Posted: Fri Jan 30, 2009 2:48 am
by DanGe
I noticed the server is assigning you the same WU (same project, run, clone, gen numbers). The assignment servers normally reassign the same WUs 3-4 times when your WU fails. Since this *might* be a bad WU, you have to pretty much delete the work folder, queue.dat, and unitinfo.txt files a few times before you get a different WU.

If your GPU continues to fail on different WUs, we will need to have more specifics, such as hardware specs, whether you overclocked your GPU, and OS.

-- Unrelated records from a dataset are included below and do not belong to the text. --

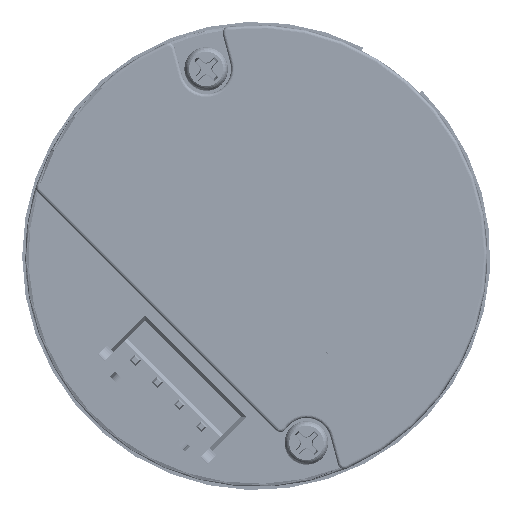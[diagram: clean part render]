
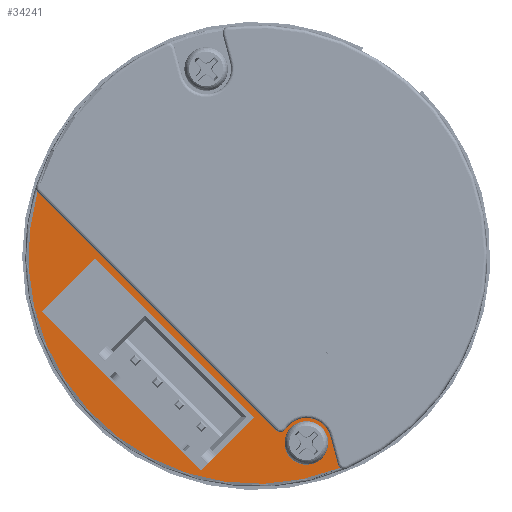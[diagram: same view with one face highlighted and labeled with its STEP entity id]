
A CAD part, front view. The second image highlights one B-rep face of the part: STEP entity #34241.
In plain terms, the highlighted planar face has unit normal (0, -1, 0) as drawn and (0, 0, -1) by its records, which use the part's own axes.
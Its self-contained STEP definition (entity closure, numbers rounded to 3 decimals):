
#751=FACE_BOUND('',#4858,.T.);
#752=FACE_BOUND('',#4859,.T.);
#1172=PLANE('',#36511);
#2788=FACE_OUTER_BOUND('',#4857,.T.);
#4857=EDGE_LOOP('',(#25206,#25207,#25208,#25209,#25210,#25211,#25212));
#4858=EDGE_LOOP('',(#25213,#25214,#25215,#25216));
#4859=EDGE_LOOP('',(#25217));
#6717=CIRCLE('',#36465,0.5);
#6720=CIRCLE('',#36471,0.5);
#6724=CIRCLE('',#36476,0.5);
#6725=CIRCLE('',#36478,18.25);
#6738=CIRCLE('',#36510,1.);
#6739=CIRCLE('',#36512,2.);
#9922=LINE('',#63131,#12439);
#9929=LINE('',#63150,#12446);
#9932=LINE('',#63155,#12449);
#9934=LINE('',#63159,#12451);
#9936=LINE('',#63163,#12453);
#9938=LINE('',#63170,#12455);
#12439=VECTOR('',#40394,10.);
#12446=VECTOR('',#40411,10.);
#12449=VECTOR('',#40416,10.);
#12451=VECTOR('',#40420,10.);
#12453=VECTOR('',#40426,10.);
#12455=VECTOR('',#40434,10.);
#14988=VERTEX_POINT('',#63020);
#14989=VERTEX_POINT('',#63021);
#14992=VERTEX_POINT('',#63034);
#14993=VERTEX_POINT('',#63036);
#14996=VERTEX_POINT('',#63065);
#14998=VERTEX_POINT('',#63069);
#15010=VERTEX_POINT('',#63147);
#15011=VERTEX_POINT('',#63149);
#15012=VERTEX_POINT('',#63153);
#15013=VERTEX_POINT('',#63157);
#15014=VERTEX_POINT('',#63165);
#15015=VERTEX_POINT('',#63169);
#18775=EDGE_CURVE('',#14988,#14989,#6717,.F.);
#18783=EDGE_CURVE('',#14992,#14993,#6720,.T.);
#18791=EDGE_CURVE('',#14998,#14996,#6724,.T.);
#18792=EDGE_CURVE('',#14993,#14998,#6725,.T.);
#18810=EDGE_CURVE('',#14996,#14988,#9922,.T.);
#18818=EDGE_CURVE('',#15010,#15011,#9929,.F.);
#18821=EDGE_CURVE('',#15012,#15010,#9932,.F.);
#18823=EDGE_CURVE('',#15013,#15012,#9934,.F.);
#18825=EDGE_CURVE('',#15011,#15013,#9936,.F.);
#18827=EDGE_CURVE('',#15014,#15014,#6738,.F.);
#18828=EDGE_CURVE('',#15015,#14992,#9938,.T.);
#18829=EDGE_CURVE('',#14989,#15015,#6739,.T.);
#25206=ORIENTED_EDGE('',*,*,#18792,.F.);
#25207=ORIENTED_EDGE('',*,*,#18783,.F.);
#25208=ORIENTED_EDGE('',*,*,#18828,.F.);
#25209=ORIENTED_EDGE('',*,*,#18829,.F.);
#25210=ORIENTED_EDGE('',*,*,#18775,.F.);
#25211=ORIENTED_EDGE('',*,*,#18810,.F.);
#25212=ORIENTED_EDGE('',*,*,#18791,.F.);
#25213=ORIENTED_EDGE('',*,*,#18818,.F.);
#25214=ORIENTED_EDGE('',*,*,#18821,.F.);
#25215=ORIENTED_EDGE('',*,*,#18823,.F.);
#25216=ORIENTED_EDGE('',*,*,#18825,.F.);
#25217=ORIENTED_EDGE('',*,*,#18827,.F.);
#34241=ADVANCED_FACE('',(#2788,#751,#752),#1172,.T.);
#36465=AXIS2_PLACEMENT_3D('',#63022,#40311,#40312);
#36471=AXIS2_PLACEMENT_3D('',#63037,#40328,#40329);
#36476=AXIS2_PLACEMENT_3D('',#63095,#40340,#40341);
#36478=AXIS2_PLACEMENT_3D('',#63097,#40344,#40345);
#36510=AXIS2_PLACEMENT_3D('',#63167,#40430,#40431);
#36511=AXIS2_PLACEMENT_3D('',#63168,#40432,#40433);
#36512=AXIS2_PLACEMENT_3D('',#63171,#40435,#40436);
#40311=DIRECTION('center_axis',(0.,0.,1.));
#40312=DIRECTION('ref_axis',(0.775,0.632,0.));
#40328=DIRECTION('center_axis',(0.,0.,-1.));
#40329=DIRECTION('ref_axis',(0.325,0.946,0.));
#40340=DIRECTION('center_axis',(0.,0.,-1.));
#40341=DIRECTION('ref_axis',(-0.52,0.854,0.));
#40344=DIRECTION('center_axis',(0.,0.,1.));
#40345=DIRECTION('ref_axis',(0.039,0.999,0.));
#40394=DIRECTION('',(1.,0.,0.));
#40411=DIRECTION('',(0.,1.,0.));
#40416=DIRECTION('',(-1.,0.,0.));
#40420=DIRECTION('',(0.,-1.,0.));
#40426=DIRECTION('',(1.,0.,0.));
#40430=DIRECTION('center_axis',(0.,0.,1.));
#40431=DIRECTION('ref_axis',(1.,0.,0.));
#40432=DIRECTION('center_axis',(0.,0.,-1.));
#40433=DIRECTION('ref_axis',(-1.,0.,0.));
#40434=DIRECTION('',(0.866,0.5,0.));
#40435=DIRECTION('center_axis',(0.,0.,1.));
#40436=DIRECTION('ref_axis',(-0.5,0.866,0.));
#63020=CARTESIAN_POINT('',(10.974,8.75,-82.95));
#63021=CARTESIAN_POINT('',(11.464,8.15,-82.95));
#63022=CARTESIAN_POINT('Origin',(10.974,8.25,-82.95));
#63034=CARTESIAN_POINT('',(16.437,7.181,-82.95));
#63036=CARTESIAN_POINT('',(16.751,7.244,-82.95));
#63037=CARTESIAN_POINT('Origin',(16.687,6.748,-82.95));
#63065=CARTESIAN_POINT('',(-15.998,8.75,-82.95));
#63069=CARTESIAN_POINT('',(-16.016,8.75,-82.95));
#63095=CARTESIAN_POINT('Origin',(-15.998,8.25,-82.95));
#63097=CARTESIAN_POINT('Origin',(0.,0.,-82.95));
#63131=CARTESIAN_POINT('',(-8.15,8.75,-82.95));
#63147=CARTESIAN_POINT('',(9.,15.25,-82.95));
#63149=CARTESIAN_POINT('',(9.,9.25,-82.95));
#63150=CARTESIAN_POINT('',(9.,4.625,-82.95));
#63153=CARTESIAN_POINT('',(-9.,15.25,-82.95));
#63155=CARTESIAN_POINT('',(4.5,15.25,-82.95));
#63157=CARTESIAN_POINT('',(-9.,9.25,-82.95));
#63159=CARTESIAN_POINT('',(-9.,7.625,-82.95));
#63163=CARTESIAN_POINT('',(-4.5,9.25,-82.95));
#63165=CARTESIAN_POINT('',(12.423,7.75,-82.95));
#63167=CARTESIAN_POINT('Origin',(13.423,7.75,-82.95));
#63168=CARTESIAN_POINT('Origin',(0.,0.,-82.95));
#63169=CARTESIAN_POINT('',(14.423,6.018,-82.95));
#63170=CARTESIAN_POINT('',(7.712,2.143,-82.95));
#63171=CARTESIAN_POINT('Origin',(13.423,7.75,-82.95));

Re: Issue with "UNSTABLE_MACHINE"

Posted: Fri Jan 30, 2009 4:15 am
by blisk
It finally ended up giving me a good one, I had given up and just checked now after a couple hours and its a new one.. working fine.

How often do these bad WU's come up? How is it finally determined that its a bad work unit?

Re: "unstable_machine" in log file

Posted: Fri Jan 30, 2009 5:26 am
by DanGe
Glad to hear it's working again :)

Bad WUs do not come up too often. With WUs for beta clients like GPU, though, they do come up in a *slightly* higher frequency, I suppose. We usually finally determine a WU is a bad one if we find that the WU stops at nearly the same place for many people.

If you suspect your WU is a bad one, post in the Issues with a Specific WU section of the forum (viewforum.php?f=19).

To the mods: I think this thread should be moved to the aforementioned forum since this might be a bad WU.

Re: Project: 4743 (Run 9, Clone 902, Gen 11)

Posted: Fri Jan 30, 2009 10:48 am
by bruce
Thread moved and title changed.

Project: 4743 (Run 9, Clone 902, Gen 11) has been successfully completed by someone, so it's not really a bad WU.